ItalienSparen, bis Berlusconi kommt

Das Wahlchaos in Italien hat einen alten Streit neu belebt: Wie viel Sparpolitik hilft dem Süden Europas wirklich? von , Yascha Mounk, und

Obdachlose in Rom

Obdachlose in Rom  |  © Andreas Solaro/AFP/Getty Images

Am Chaos sind nicht die Italiener Schuld. Kein Silvio Berlusconi, kein Mario Monti. Schuld sind die Deutschen. Sagt zumindest Frankreichs Industrieminister Arnaud Montebourg. Die Italiener hätten sich eben gegen die "drakonische Sparpolitik" aufgelehnt, die das Land seit Monaten durchmache, sagte der Minister am Dienstag nach der Bekanntgabe der Wahlergebnisse. Italiens Wahlentscheidung, ein Veto gegen die deutsche Sparwut also. Ähnlich äußerte sich der Wirtschaftsnobelpreisträger Paul Krugman. Er wolle zwar nicht der Politik Berlusconis das Wort reden, aber: "Was genau hat das, was gerade alle als 'erwachsener Realismus' verkaufen, den Italienern gebracht – und Europa?"

So kann man das sehen – zumindest wenn man kein deutscher Mainstream-Ökonom ist.

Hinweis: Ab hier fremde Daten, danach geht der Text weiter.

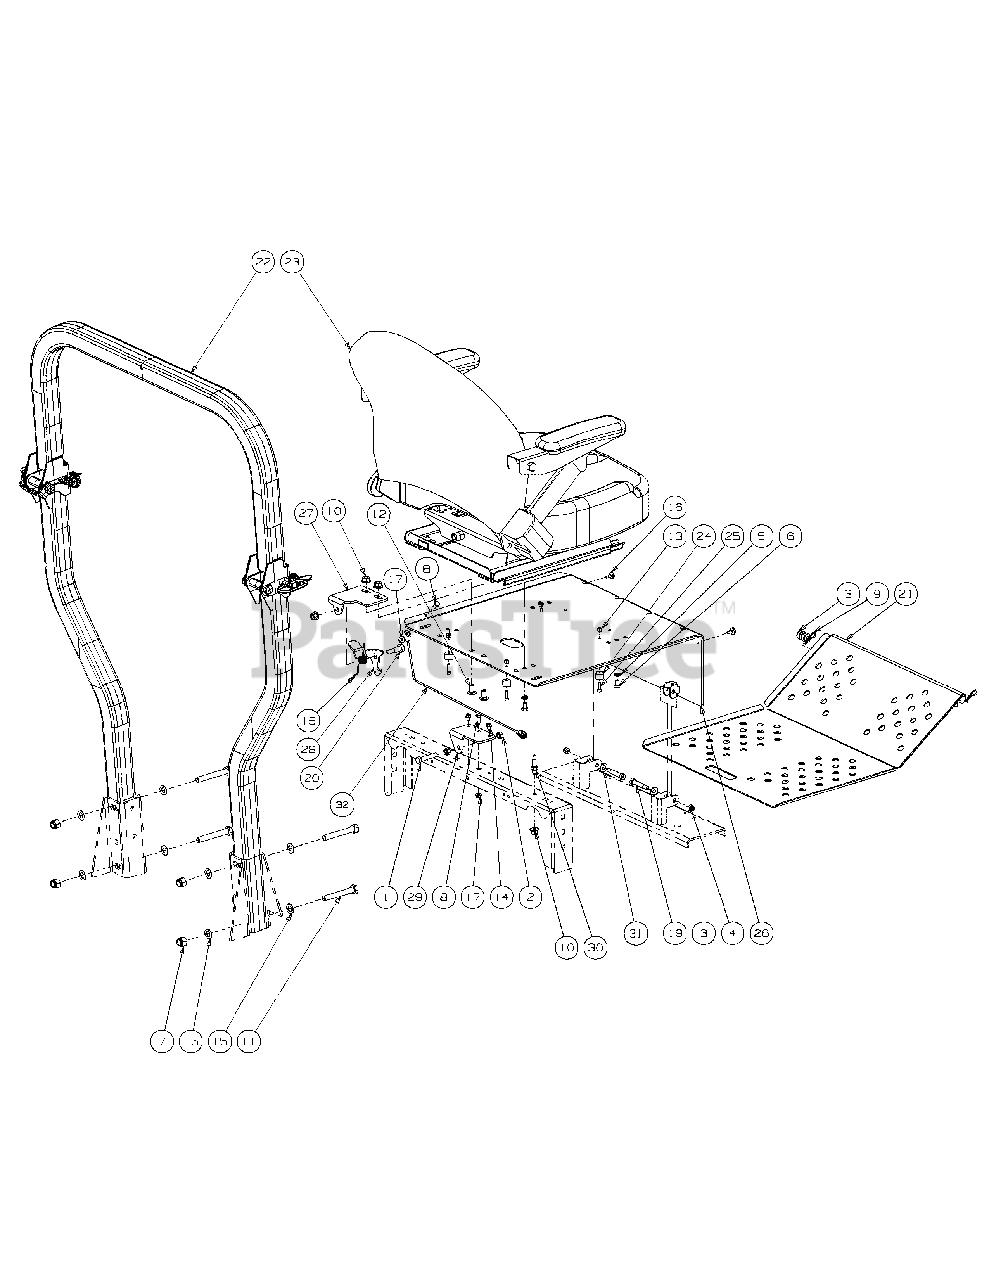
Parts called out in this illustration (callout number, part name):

Hierzulande wurde die Wahl als "Schicksalswahl für den Euro" interpretiert, als Test für die Reformfähigkeit der Italiener. Die Frage, die im Vordergrund stand, lautete: Entscheiden sich die Italiener für eine Fortsetzung des Sparkurses? Nun, da Italiens Wähler die Antwort gegeben haben, wird eine andere Frage wieder lauter werden: Übertreiben es die Europäer mit dem Sparen? Wie viel Sparen kann gesund sein, wenn das Zusammenstreichen des Budgets am Ende Politiker wie Berlusconi an die Macht spült?

Anzeige

Es sind nicht nur Lautsprecher wie Paul Krugman, die diese Bedenken äußern. Der bedeutendste Kritiker des Sparkurses heißt Paul de Grauwe. Der Belgier, ein renommierter Währungsexperte, glaubt schon lange, dass die Schuldenkrise in Wahrheit keine Schuldenkrise ist, und dass die Anleger irren, wenn sie den Staaten ihr Vertrauen entziehen. Nun meint er, seine These beweisen zu können.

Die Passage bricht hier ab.